> _Requirement_: Working from the entries that follow, retype each one without any alteration.

> _Material provided_:
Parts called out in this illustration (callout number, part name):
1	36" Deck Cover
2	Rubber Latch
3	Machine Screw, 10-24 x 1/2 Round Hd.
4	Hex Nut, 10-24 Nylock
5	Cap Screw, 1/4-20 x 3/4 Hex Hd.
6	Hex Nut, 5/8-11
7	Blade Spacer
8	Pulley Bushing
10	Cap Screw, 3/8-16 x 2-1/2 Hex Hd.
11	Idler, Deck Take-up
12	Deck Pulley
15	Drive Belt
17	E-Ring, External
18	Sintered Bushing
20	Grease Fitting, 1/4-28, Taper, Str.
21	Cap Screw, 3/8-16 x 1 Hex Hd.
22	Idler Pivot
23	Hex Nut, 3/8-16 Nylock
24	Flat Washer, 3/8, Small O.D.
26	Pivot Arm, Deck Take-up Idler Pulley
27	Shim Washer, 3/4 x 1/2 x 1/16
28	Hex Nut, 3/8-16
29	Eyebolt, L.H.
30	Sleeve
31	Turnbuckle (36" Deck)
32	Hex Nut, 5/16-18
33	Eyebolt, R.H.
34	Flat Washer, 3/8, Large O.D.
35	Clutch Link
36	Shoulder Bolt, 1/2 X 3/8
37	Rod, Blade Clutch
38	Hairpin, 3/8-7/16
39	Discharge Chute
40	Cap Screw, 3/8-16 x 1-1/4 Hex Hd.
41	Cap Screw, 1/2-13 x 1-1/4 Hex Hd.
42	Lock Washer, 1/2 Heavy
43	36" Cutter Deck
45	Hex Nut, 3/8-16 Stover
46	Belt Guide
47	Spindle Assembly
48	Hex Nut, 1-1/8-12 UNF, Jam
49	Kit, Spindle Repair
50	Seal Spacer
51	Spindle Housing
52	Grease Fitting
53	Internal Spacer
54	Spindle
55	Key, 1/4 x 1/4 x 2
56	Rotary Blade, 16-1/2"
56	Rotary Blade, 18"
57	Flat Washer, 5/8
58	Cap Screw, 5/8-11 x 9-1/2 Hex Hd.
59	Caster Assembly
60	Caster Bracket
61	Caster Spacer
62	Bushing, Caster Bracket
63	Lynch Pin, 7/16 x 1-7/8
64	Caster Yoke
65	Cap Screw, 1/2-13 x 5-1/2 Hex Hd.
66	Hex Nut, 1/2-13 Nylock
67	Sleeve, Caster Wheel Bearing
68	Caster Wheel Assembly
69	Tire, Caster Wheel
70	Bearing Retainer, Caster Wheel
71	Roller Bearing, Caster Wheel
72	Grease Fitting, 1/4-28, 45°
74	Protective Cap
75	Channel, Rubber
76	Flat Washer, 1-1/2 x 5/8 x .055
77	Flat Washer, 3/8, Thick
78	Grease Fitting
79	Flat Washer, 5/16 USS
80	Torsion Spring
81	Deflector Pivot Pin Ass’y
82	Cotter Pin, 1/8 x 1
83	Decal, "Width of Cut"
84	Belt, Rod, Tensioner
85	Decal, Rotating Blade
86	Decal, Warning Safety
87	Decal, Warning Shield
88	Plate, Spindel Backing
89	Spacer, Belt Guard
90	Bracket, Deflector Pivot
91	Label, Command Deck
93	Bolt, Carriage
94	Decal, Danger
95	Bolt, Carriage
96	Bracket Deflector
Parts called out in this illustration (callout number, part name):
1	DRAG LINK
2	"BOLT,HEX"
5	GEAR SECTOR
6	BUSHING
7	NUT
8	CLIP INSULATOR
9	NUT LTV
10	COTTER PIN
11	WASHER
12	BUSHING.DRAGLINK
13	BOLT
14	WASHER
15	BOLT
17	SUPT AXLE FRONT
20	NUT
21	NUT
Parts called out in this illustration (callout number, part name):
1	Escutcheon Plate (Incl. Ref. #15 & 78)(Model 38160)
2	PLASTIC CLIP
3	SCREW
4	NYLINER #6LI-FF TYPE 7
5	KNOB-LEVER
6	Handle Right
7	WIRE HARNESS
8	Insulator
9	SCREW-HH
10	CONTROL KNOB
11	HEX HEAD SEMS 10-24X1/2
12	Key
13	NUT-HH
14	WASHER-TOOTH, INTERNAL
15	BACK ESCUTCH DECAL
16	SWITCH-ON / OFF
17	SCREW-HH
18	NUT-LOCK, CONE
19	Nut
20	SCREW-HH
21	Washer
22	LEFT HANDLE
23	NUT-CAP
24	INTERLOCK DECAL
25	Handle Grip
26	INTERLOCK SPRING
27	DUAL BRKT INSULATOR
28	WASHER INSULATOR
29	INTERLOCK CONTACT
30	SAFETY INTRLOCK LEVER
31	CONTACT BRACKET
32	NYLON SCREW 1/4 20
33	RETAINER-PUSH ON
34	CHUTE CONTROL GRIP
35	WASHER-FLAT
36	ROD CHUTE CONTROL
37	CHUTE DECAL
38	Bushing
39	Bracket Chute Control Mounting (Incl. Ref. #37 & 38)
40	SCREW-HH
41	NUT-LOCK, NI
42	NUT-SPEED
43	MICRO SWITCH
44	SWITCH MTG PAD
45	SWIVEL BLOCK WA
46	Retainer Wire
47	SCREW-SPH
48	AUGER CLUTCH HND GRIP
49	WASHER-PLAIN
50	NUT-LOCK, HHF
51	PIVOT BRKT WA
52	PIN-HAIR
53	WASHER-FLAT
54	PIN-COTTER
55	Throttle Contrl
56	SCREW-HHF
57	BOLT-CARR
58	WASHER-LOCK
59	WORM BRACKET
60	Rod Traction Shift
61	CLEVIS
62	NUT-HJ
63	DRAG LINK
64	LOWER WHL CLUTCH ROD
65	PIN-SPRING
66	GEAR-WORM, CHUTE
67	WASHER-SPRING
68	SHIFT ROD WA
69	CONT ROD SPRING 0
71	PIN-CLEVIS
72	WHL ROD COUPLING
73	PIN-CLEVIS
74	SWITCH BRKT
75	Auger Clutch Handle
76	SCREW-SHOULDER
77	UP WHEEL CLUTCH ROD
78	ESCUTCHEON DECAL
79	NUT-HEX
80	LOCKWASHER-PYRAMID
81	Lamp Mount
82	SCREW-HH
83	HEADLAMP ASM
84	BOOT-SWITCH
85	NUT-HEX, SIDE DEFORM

> _Task solution_:
Parts called out in this illustration (callout number, part name):
1	36" Deck Cover
2	Rubber Latch
3	Machine Screw, 10-24 x 1/2 Round Hd.
4	Hex Nut, 10-24 Nylock
5	Cap Screw, 1/4-20 x 3/4 Hex Hd.
6	Hex Nut, 5/8-11
7	Blade Spacer
8	Pulley Bushing
10	Cap Screw, 3/8-16 x 2-1/2 Hex Hd.
11	Idler, Deck Take-up
12	Deck Pulley
15	Drive Belt
17	E-Ring, External
18	Sintered Bushing
20	Grease Fitting, 1/4-28, Taper, Str.
21	Cap Screw, 3/8-16 x 1 Hex Hd.
22	Idler Pivot
23	Hex Nut, 3/8-16 Nylock
24	Flat Washer, 3/8, Small O.D.
26	Pivot Arm, Deck Take-up Idler Pulley
27	Shim Washer, 3/4 x 1/2 x 1/16
28	Hex Nut, 3/8-16
29	Eyebolt, L.H.
30	Sleeve
31	Turnbuckle (36" Deck)
32	Hex Nut, 5/16-18
33	Eyebolt, R.H.
34	Flat Washer, 3/8, Large O.D.
35	Clutch Link
36	Shoulder Bolt, 1/2 X 3/8
37	Rod, Blade Clutch
38	Hairpin, 3/8-7/16
39	Discharge Chute
40	Cap Screw, 3/8-16 x 1-1/4 Hex Hd.
41	Cap Screw, 1/2-13 x 1-1/4 Hex Hd.
42	Lock Washer, 1/2 Heavy
43	36" Cutter Deck
45	Hex Nut, 3/8-16 Stover
46	Belt Guide
47	Spindle Assembly
48	Hex Nut, 1-1/8-12 UNF, Jam
49	Kit, Spindle Repair
50	Seal Spacer
51	Spindle Housing
52	Grease Fitting
53	Internal Spacer
54	Spindle
55	Key, 1/4 x 1/4 x 2
56	Rotary Blade, 16-1/2"
56	Rotary Blade, 18"
57	Flat Washer, 5/8
58	Cap Screw, 5/8-11 x 9-1/2 Hex Hd.
59	Caster Assembly
60	Caster Bracket
61	Caster Spacer
62	Bushing, Caster Bracket
63	Lynch Pin, 7/16 x 1-7/8
64	Caster Yoke
65	Cap Screw, 1/2-13 x 5-1/2 Hex Hd.
66	Hex Nut, 1/2-13 Nylock
67	Sleeve, Caster Wheel Bearing
68	Caster Wheel Assembly
69	Tire, Caster Wheel
70	Bearing Retainer, Caster Wheel
71	Roller Bearing, Caster Wheel
72	Grease Fitting, 1/4-28, 45°
74	Protective Cap
75	Channel, Rubber
76	Flat Washer, 1-1/2 x 5/8 x .055
77	Flat Washer, 3/8, Thick
78	Grease Fitting
79	Flat Washer, 5/16 USS
80	Torsion Spring
81	Deflector Pivot Pin Ass’y
82	Cotter Pin, 1/8 x 1
83	Decal, "Width of Cut"
84	Belt, Rod, Tensioner
85	Decal, Rotating Blade
86	Decal, Warning Safety
87	Decal, Warning Shield
88	Plate, Spindel Backing
89	Spacer, Belt Guard
90	Bracket, Deflector Pivot
91	Label, Command Deck
93	Bolt, Carriage
94	Decal, Danger
95	Bolt, Carriage
96	Bracket Deflector
Parts called out in this illustration (callout number, part name):
1	DRAG LINK
2	"BOLT,HEX"
5	GEAR SECTOR
6	BUSHING
7	NUT
8	CLIP INSULATOR
9	NUT LTV
10	COTTER PIN
11	WASHER
12	BUSHING.DRAGLINK
13	BOLT
14	WASHER
15	BOLT
17	SUPT AXLE FRONT
20	NUT
21	NUT
Parts called out in this illustration (callout number, part name):
1	Escutcheon Plate (Incl. Ref. #15 & 78)(Model 38160)
2	PLASTIC CLIP
3	SCREW
4	NYLINER #6LI-FF TYPE 7
5	KNOB-LEVER
6	Handle Right
7	WIRE HARNESS
8	Insulator
9	SCREW-HH
10	CONTROL KNOB
11	HEX HEAD SEMS 10-24X1/2
12	Key
13	NUT-HH
14	WASHER-TOOTH, INTERNAL
15	BACK ESCUTCH DECAL
16	SWITCH-ON / OFF
17	SCREW-HH
18	NUT-LOCK, CONE
19	Nut
20	SCREW-HH
21	Washer
22	LEFT HANDLE
23	NUT-CAP
24	INTERLOCK DECAL
25	Handle Grip
26	INTERLOCK SPRING
27	DUAL BRKT INSULATOR
28	WASHER INSULATOR
29	INTERLOCK CONTACT
30	SAFETY INTRLOCK LEVER
31	CONTACT BRACKET
32	NYLON SCREW 1/4 20
33	RETAINER-PUSH ON
34	CHUTE CONTROL GRIP
35	WASHER-FLAT
36	ROD CHUTE CONTROL
37	CHUTE DECAL
38	Bushing
39	Bracket Chute Control Mounting (Incl. Ref. #37 & 38)
40	SCREW-HH
41	NUT-LOCK, NI
42	NUT-SPEED
43	MICRO SWITCH
44	SWITCH MTG PAD
45	SWIVEL BLOCK WA
46	Retainer Wire
47	SCREW-SPH
48	AUGER CLUTCH HND GRIP
49	WASHER-PLAIN
50	NUT-LOCK, HHF
51	PIVOT BRKT WA
52	PIN-HAIR
53	WASHER-FLAT
54	PIN-COTTER
55	Throttle Contrl
56	SCREW-HHF
57	BOLT-CARR
58	WASHER-LOCK
59	WORM BRACKET
60	Rod Traction Shift
61	CLEVIS
62	NUT-HJ
63	DRAG LINK
64	LOWER WHL CLUTCH ROD
65	PIN-SPRING
66	GEAR-WORM, CHUTE
67	WASHER-SPRING
68	SHIFT ROD WA
69	CONT ROD SPRING 0
71	PIN-CLEVIS
72	WHL ROD COUPLING
73	PIN-CLEVIS
74	SWITCH BRKT
75	Auger Clutch Handle
76	SCREW-SHOULDER
77	UP WHEEL CLUTCH ROD
78	ESCUTCHEON DECAL
79	NUT-HEX
80	LOCKWASHER-PYRAMID
81	Lamp Mount
82	SCREW-HH
83	HEADLAMP ASM
84	BOOT-SWITCH
85	NUT-HEX, SIDE DEFORM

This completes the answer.